# Keyboard not working properly



## Tekanne (Jan 30, 2011)

Hello guys, I'm having this problem that I've never seen before. I've done some research but I never found a similar problem. I got a _Microsoft Sidewinder X4 Keyboard_ with a USB port, which is normally working properly. The expection is when I'm having a LAN party, or even when I'm turning on my PS3 for some reason I cannot make sense of. This may not necessarly be the problem. Since it worked for a week until the 2 day LAN party, then working again for another week until another LAN party, I suspect the problem has something to do with it.

The problem itself is that the keyboard starts to turn itself off and on. Since the buttons are lightening up I can see they are blinking like 1-2 times a second. It makes half the buttons I press not respond. 

From there I can either plug it out and back in to make it work for a couple of minutes, or I can restart the computer to make it work properly for what i believe was a couple of hours.
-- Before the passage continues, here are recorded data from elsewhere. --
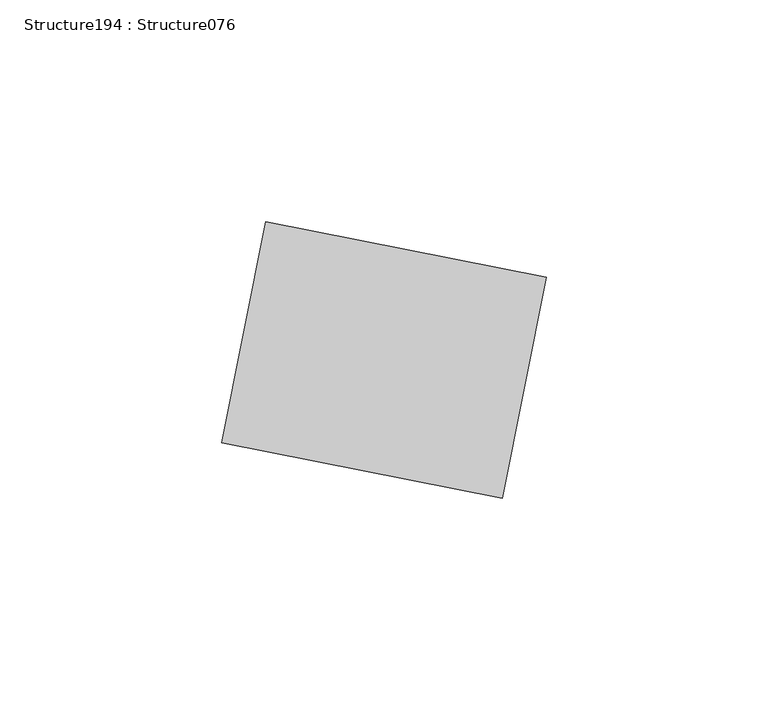
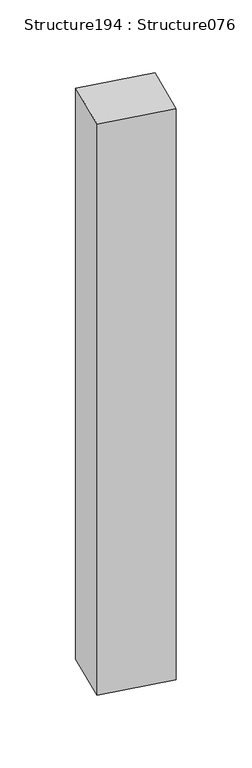
"""IFC4 building model written with IfcOpenShell, lengths in millimetres: proxy geometry, Structure194 : Structure076."""

from ifc_helpers import new_model, si_unit, frame, origin, place, context, project, spatial, polyline, outline, extrude, source, transform, mapped, element, save


def structure194_structure076_632d73ce(model_context):
    return source(origin(), model_context, "Body", "SweptSolid", [
        extrude(outline(polyline([(-2654.4961862, 235047.0764071), (-2591.1897674, 235034.5126994), (-2601.0786083, 234984.6844862), (-2664.3850271, 234997.2481939), (-2654.4961862, 235047.0764071)])), frame((0.0, 0.0, 595.2038833), z_axis=(0.0, 0.0, 1.0), x_axis=(1.0, 0.0, 0.0)), (0.0, 0.0, 1.0), 537.7810299),
    ])


if __name__ == "__main__":
    model = new_model("IFC4")
    model_context = context("Model", 3, world=origin())
    ifc_project = project(units=[si_unit("LENGTHUNIT", "METRE", prefix="MILLI")], contexts=[model_context])
    site = spatial("IfcSite", under=ifc_project)
    building = spatial("IfcBuilding", under=site)
    placement = place(None, origin())
    structure194_structure076_shape = structure194_structure076_632d73ce(model_context)
    element("IfcBuildingElementProxy", 1, Name="Structure194 : Structure076", ObjectType="Structure194 : Structure076", at=placement, inside=building, context=model_context, shape_type="MappedRepresentation", body=[
        mapped(structure194_structure076_shape, transform((0.0, 0.0, 0.0), x_axis=(1.0, 0.0, 0.0), y_axis=(0.0, 1.0, 0.0), z_axis=(0.0, 0.0, 1.0))),
    ])
    save(model, "model.ifc")

# Revit data of these elements
# Type "Structure194 : Structure076"
#   NameOverride = "Structure076"
# Element 1 (IfcBuildingElementProxy, "Structure194 : Structure076")
#   Materials on its faces: "BRUSHED ALUMINUM LETTERING"
# Materials
#   "BRUSHED ALUMINUM LETTERING": class "Unassigned", colour RGB 169 181 186, transparency 0, Cost = 0
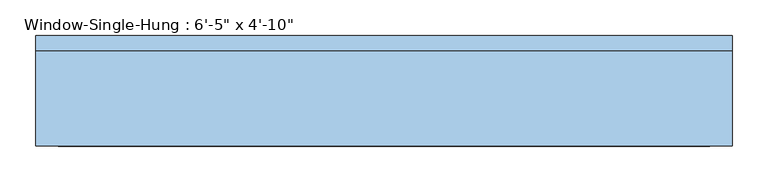
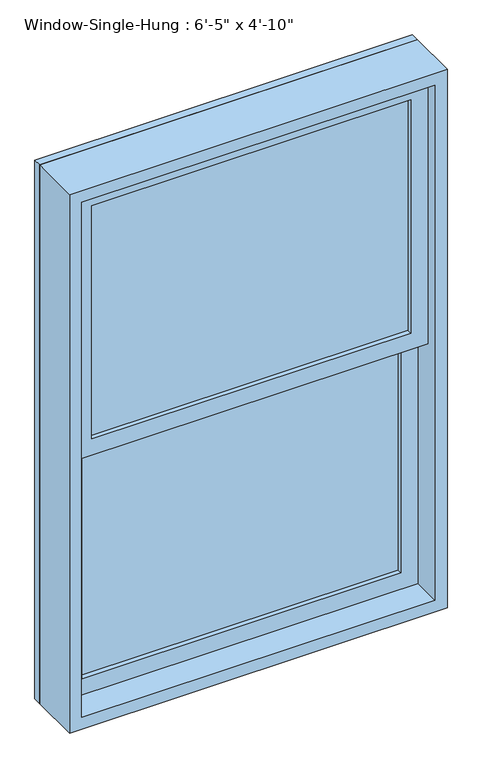
"""IFC4 building model written with IfcOpenShell, lengths in millimetres: window geometry."""

from ifc_helpers import new_model, si_unit, frame, origin, place, context, project, spatial, polyline, outline, extrude, source, transform, mapped, element, save


def window_35671ba8(model_context):
    return source(origin(), model_context, "Body", "SweptSolid", [
        extrude(outline(polyline([(412.75, 1.5875), (-412.75, 1.5875), (-412.75, 7.9375), (412.75, 7.9375), (412.75, 1.5875)])), frame((0.0, 0.0, 990.6), z_axis=(0.0, 0.0, 1.0), x_axis=(1.0, 0.0, 0.0)), (0.0, 0.0, 1.0), 638.175),
        extrude(outline(polyline([(-412.75, 14.2875), (-412.75, 20.6375), (412.75, 20.6375), (412.75, 14.2875), (-412.75, 14.2875)])), frame((0.0, 0.0, 990.6), z_axis=(0.0, 0.0, 1.0), x_axis=(1.0, 0.0, 0.0)), (0.0, 0.0, 1.0), 638.175),
        extrude(outline(polyline([(412.75, -42.8625), (-412.75, -42.8625), (-412.75, -36.5125), (412.75, -36.5125), (412.75, -42.8625)])), frame((0.0, 0.0, 1673.225), z_axis=(0.0, 0.0, 1.0), x_axis=(1.0, 0.0, 0.0)), (0.0, 0.0, 1.0), 638.175),
        extrude(outline(polyline([(-412.75, -30.1625), (-412.75, -23.8125), (412.75, -23.8125), (412.75, -30.1625), (-412.75, -30.1625)])), frame((0.0, 0.0, 1673.225), z_axis=(0.0, 0.0, 1.0), x_axis=(1.0, 0.0, 0.0)), (0.0, 0.0, 1.0), 638.175),
        extrude(outline(polyline([(1673.225, 457.2), (1673.225, -457.2), (946.15, -457.2), (946.15, 457.2), (1673.225, 457.2)]), holes=[polyline([(1628.775, -412.75), (1628.775, 412.75), (990.6, 412.75), (990.6, -412.75), (1628.775, -412.75)])]), frame((0.0, -11.1125, 0.0), z_axis=(0.0, 1.0, 0.0), x_axis=(0.0, 0.0, 1.0)), (0.0, 0.0, 1.0), 44.45),
        extrude(outline(polyline([(2355.85, 457.2), (2355.85, -457.2), (1628.775, -457.2), (1628.775, 457.2), (2355.85, 457.2)]), holes=[polyline([(2311.4, -412.75), (2311.4, 412.75), (1673.225, 412.75), (1673.225, -412.75), (2311.4, -412.75)])]), frame((0.0, -55.5625, 0.0), z_axis=(0.0, 1.0, 0.0), x_axis=(0.0, 0.0, 1.0)), (0.0, 0.0, 1.0), 44.45),
        extrude(outline(polyline([(2387.6, 488.95), (2387.6, -488.95), (914.4, -488.95), (914.4, 488.95), (2387.6, 488.95)]), holes=[polyline([(2355.85, -457.2), (2355.85, 457.2), (946.15, 457.2), (946.15, -457.2), (2355.85, -457.2)])]), frame((0.0, -87.3125, 0.0), z_axis=(0.0, 1.0, 0.0), x_axis=(0.0, 0.0, 1.0)), (0.0, 0.0, 1.0), 133.35),
        extrude(outline(polyline([(2387.6, 488.95), (2387.6, -488.95), (914.4, -488.95), (914.4, 488.95), (2387.6, 488.95)]), holes=[polyline([(2368.55, 469.9), (933.45, 469.9), (933.45, -469.9), (2368.55, -469.9), (2368.55, 469.9)])]), frame((0.0, 46.0375, 0.0), z_axis=(0.0, 1.0, 0.0), x_axis=(0.0, 0.0, 1.0)), (0.0, 0.0, 1.0), 22.225),
    ])


if __name__ == "__main__":
    model = new_model("IFC4")
    model_context = context("Model", 3, world=origin())
    ifc_project = project(units=[si_unit("LENGTHUNIT", "METRE", prefix="MILLI")], contexts=[model_context])
    site = spatial("IfcSite", under=ifc_project)
    building = spatial("IfcBuilding", under=site)
    placement = place(None, origin())
    window_shape = window_35671ba8(model_context)
    element("IfcWindow", 1, ObjectType="Window-Single-Hung : 6'-5\" x 4'-10\"", at=placement, inside=building, context=model_context, shape_type="MappedRepresentation", body=[
        mapped(window_shape, transform((0.0, 0.0, 0.0), x_axis=(1.0, 0.0, 0.0), y_axis=(0.0, 1.0, 0.0), z_axis=(0.0, 0.0, 1.0))),
    ])
    save(model, "model.ifc")

# Revit data of these elements
# Type "Window-Single-Hung : 6'-5\" x 4'-10\""
#   Type Mark = "19"
#   Fire Rating = "0.5h"
#   Construction Type Id = "DG-DR"
#   Assembly Code = "B2020100"
#   Analytic Construction = "Double glazing - domestic"
#   Wall Thickness [instance default] = 0' - 6"
#   Window Inset [instance default] = 0' - 0"
#   Visual Light Transmittance = 0.81
#   Thermal Resistance (R) = 0.319569 (m²·K)/W
#   Solar Heat Gain Coefficient = 0.76
#   Muntin Width = 2' - 8 1/2"
#   Muntin Height = 2' - 1 1/8"
#   Interior Wall Closure [instance default] = 0' - 1 1/2"
#   Rough Width = 3' - 3"
#   Rough Height = 4' - 10 1/2"
#   Frame Extension [instance default] = 0' - 1 1/4"
#   Exterior Wall Closure [instance default] = 0' - 0 1/2"
#   Extension Jamb [instance default] = 0' - 1 1/2"
#   Heat Transfer Coefficient (U) = 3.12929 W/(m²·K)
#   Height = 4' - 10"
#   Width = 3' - 2 1/2"
#   Top Muntin Visibility = yes
#   Indicator Visibility [instance default] = yes
#   Extension Jamb Visibility [instance default] = yes
#   Interior Trim Visibility [instance default] = yes
#   Exterior Trim Visibility [instance default] = yes
#   Bottom Muntin Visibility = yes
#   Muntin Pattern = Muntin Pattern_2x2 : Muntin Pattern_2x2
#   Interior Trim Material = Wood - Stained
#   Interior Trim = Trim-Window-Interior-Flat : Picture Frame
#   Exterior Trim Material = Clad - White
#   Exterior Trim = Trim-Window-Exterior-Flat : with Sill
#   Glass Panel Material = Glass
#   Exterior Frame Material = Clad - White
#   Interior Frame Material = Wood - Stained
#   Wall Closure = (empty or 0)
# Element 1 (IfcWindow, "Window-Single-Hung : 6'-5\" x 4'-10\"")
#   Wall Thickness = 0' - 5 3/8"
#   Extension Jamb = 0' - 0 7/8"
#   Materials on its faces: "Wood - Stained", "Glass", "Clad - White"
# Materials
#   "Wood - Stained": class "Wood", colour RGB 224 178 126, transparency 0, Cost = 0
#   "Clad - White": class "Wood", colour RGB 242 242 238, transparency 0, Cost = 0
#   "Glass": class "Glass", colour RGB 0 128 192, transparency 0.75, Description = "Soda Lime Glass", Cost = 0

When I first bought it I didn't do anything with the old drivers. When I first got the problem, I installed the drivers that followed in the disc. I have also uninstalled the drivers and reinstalled them without success. 

Any help on this would be much appreciated.


----------



## Tekanne (Jan 30, 2011)

Update:It has happened to me all day now, no idea why. I'm not at a LAN party now so I can scrap that, just didn't find any edit button.


----------



## oscer1 (Jan 27, 2010)

hi Tekanne welcome to tsf,,

have you tried another keyboard? does it do same thing?


----------



## shotgn (Aug 10, 2008)

To add to *oscer1* advise..Have you tried that keyboard in another computer?


----------



## Tekanne (Jan 30, 2011)

Yes I've tried many keyboards. I have used three keyboards the last six months and all have worked. I also bought this keyboard a couple of weeks ago.

No, I have not tried using this keyboard on another computer.


----------



## oscer1 (Jan 27, 2010)

have you cleaned out your computer lately?


----------



## Tekanne (Jan 30, 2011)

No, it's a very long time since I last formatted now. I reguraly scan for spyware with an fairly outdated scanner.


----------



## oscer1 (Jan 27, 2010)

what i ment by cleaned out is blow out the pc with canned compressed air.


----------



## Tekanne (Jan 30, 2011)

oscer1 said:


> what i ment by cleaned out is blow out the pc with canned compressed air.


Actually, I have never done that. I have just about tested the keyboard on another computer though and it seems to work fine. Do you really think that's the problem? Other keyboards work just fine, it's just this one that stops working from time to time no matter which USB-port I'm using.


----------



## Tekanne (Jan 30, 2011)

A theory I got is that it only happens when my CPU usage is high. While I played it got as bad as 2 times a minute, but as I exited it helped a lot. It can't be a problem with the game neither since it sometimes happens as I browse the net or do ordinary tasks at Windows. I got an fairly old Intel Pentium 2,8GHz processor, rated 4,5 at the Windows Experience Index.


----------



## oscer1 (Jan 27, 2010)

take a look at this
http://www.techsupportforum.com/forums/f108/caring-for-your-notebook-computer-542731.html


----------



## Tekanne (Jan 30, 2011)

oscer1 said:


> take a look at this
> http://www.techsupportforum.com/forums/f108/caring-for-your-notebook-computer-542731.html



Thanks, but I am using a stationary computer.


----------



## oscer1 (Jan 27, 2010)

i would start by cleaning(blowing out) computer. whats the make and model of computer if custum list the specs


----------



## Tekanne (Jan 30, 2011)

I have found a solution. If I disable the backlight on the keyboard it never stops working. I have still no idea what is causing the keyboard to lag if I have the backlights enabled though.


----------



## oscer1 (Jan 27, 2010)

can you list the specs of your pc including psu make and wattage


----------



## Tekanne (Jan 30, 2011)

Specs:
Intel Pentium D CPU 2,80Ghz
3 GB ram
Corsair vx450W psu
nvidia geforce 8800gt


----------



## oscer1 (Jan 27, 2010)

kinda sounding like a power issue, you should be running a 650 watt power supply with that video card. do you know anyone that you could borrow one from to test.


----------